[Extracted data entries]
____
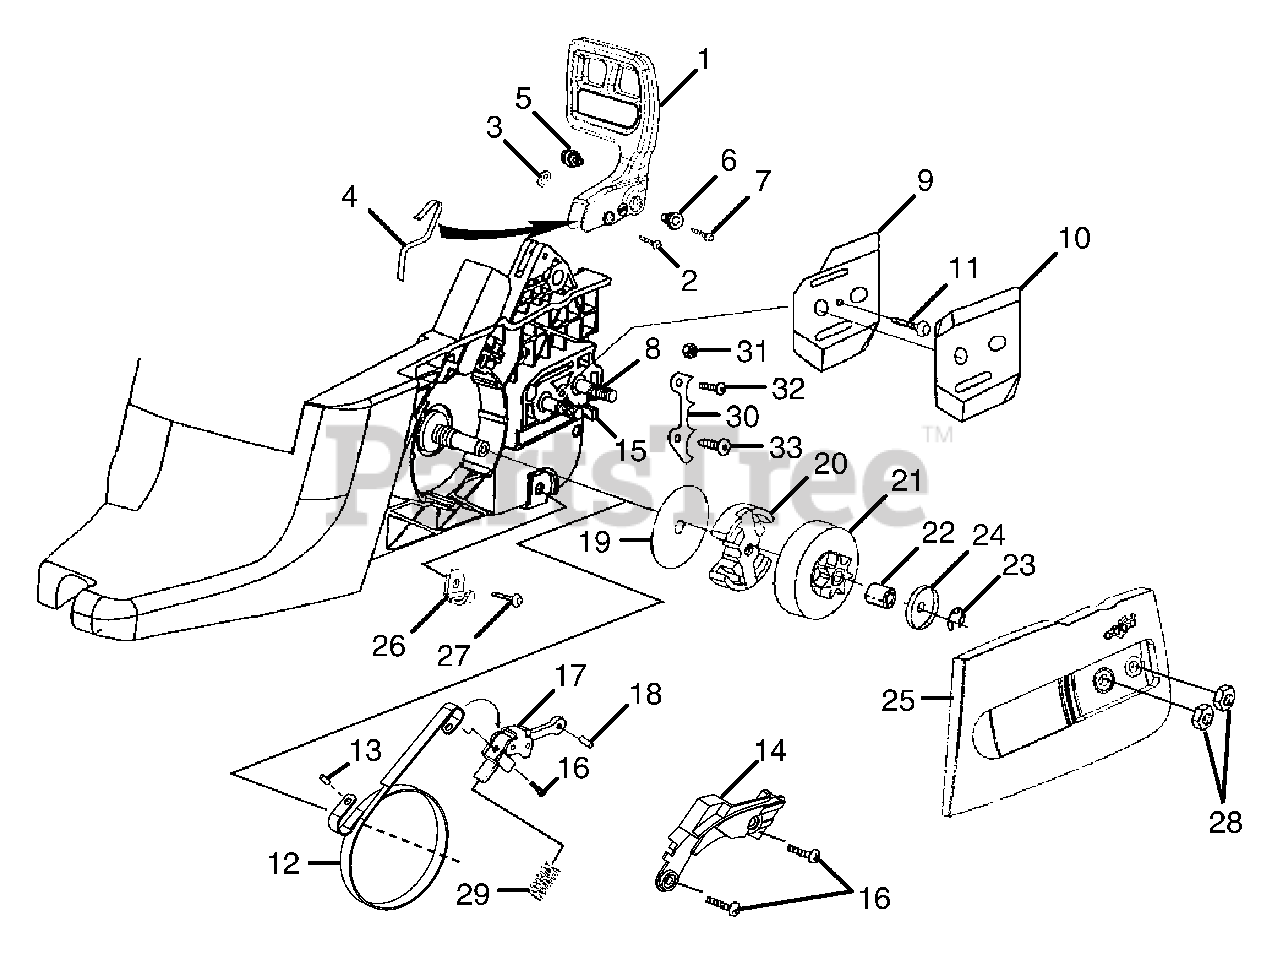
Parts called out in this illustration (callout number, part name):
1	HAND GUARD
2	HAND GUARD ACTUATING PIN
3	RETAINING RING
4	SPRING, HANDGUARD
5	PIVOT, LH
6	PIVOT, RH
7	SCREW (8-32 x 5/8 in.)
8	GUIDE BAR BOLT
9	PLATE, GUIDE BAR
10	PLATE, GUIDE BAR
11	SCREW (6-19 x 1/2 in.)
12	BRAKE BAND
13	PIN, ROLL
14	BRAKE BAND COVER
15	ADJUSTING PIN KIT
16	SCREW (8-16 x .320)
17	CHAIN BRAKE LINK
18	PIN, ROLL
19	THRUST WASHER
20	CLUTCH & HARDWARE
21	SPROKET DRUM (.325 PITCH)
22	BEARING, NEEDLE
23	RING, RETAINING
24	WASHER
25	DRIVE CASE COVER
26	CHAIN CATCHER
27	SCREW (10-24 x 1/2 in.)
28	NUT, HEX
29	SPRING, COMPRESSION
30	BUMPER SPIKE
31	LOCK NUT, HEX (10-24)
33	SCREW, TRUSS HD.
____
• [ACTIVITY]: Give the records again exactly, minus the pictures.

• [YOUR RESPONSE]:
Parts called out in this illustration (callout number, part name):
1	HAND GUARD
2	HAND GUARD ACTUATING PIN
3	RETAINING RING
4	SPRING, HANDGUARD
5	PIVOT, LH
6	PIVOT, RH
7	SCREW (8-32 x 5/8 in.)
8	GUIDE BAR BOLT
9	PLATE, GUIDE BAR
10	PLATE, GUIDE BAR
11	SCREW (6-19 x 1/2 in.)
12	BRAKE BAND
13	PIN, ROLL
14	BRAKE BAND COVER
15	ADJUSTING PIN KIT
16	SCREW (8-16 x .320)
17	CHAIN BRAKE LINK
18	PIN, ROLL
19	THRUST WASHER
20	CLUTCH & HARDWARE
21	SPROKET DRUM (.325 PITCH)
22	BEARING, NEEDLE
23	RING, RETAINING
24	WASHER
25	DRIVE CASE COVER
26	CHAIN CATCHER
27	SCREW (10-24 x 1/2 in.)
28	NUT, HEX
29	SPRING, COMPRESSION
30	BUMPER SPIKE
31	LOCK NUT, HEX (10-24)
33	SCREW, TRUSS HD.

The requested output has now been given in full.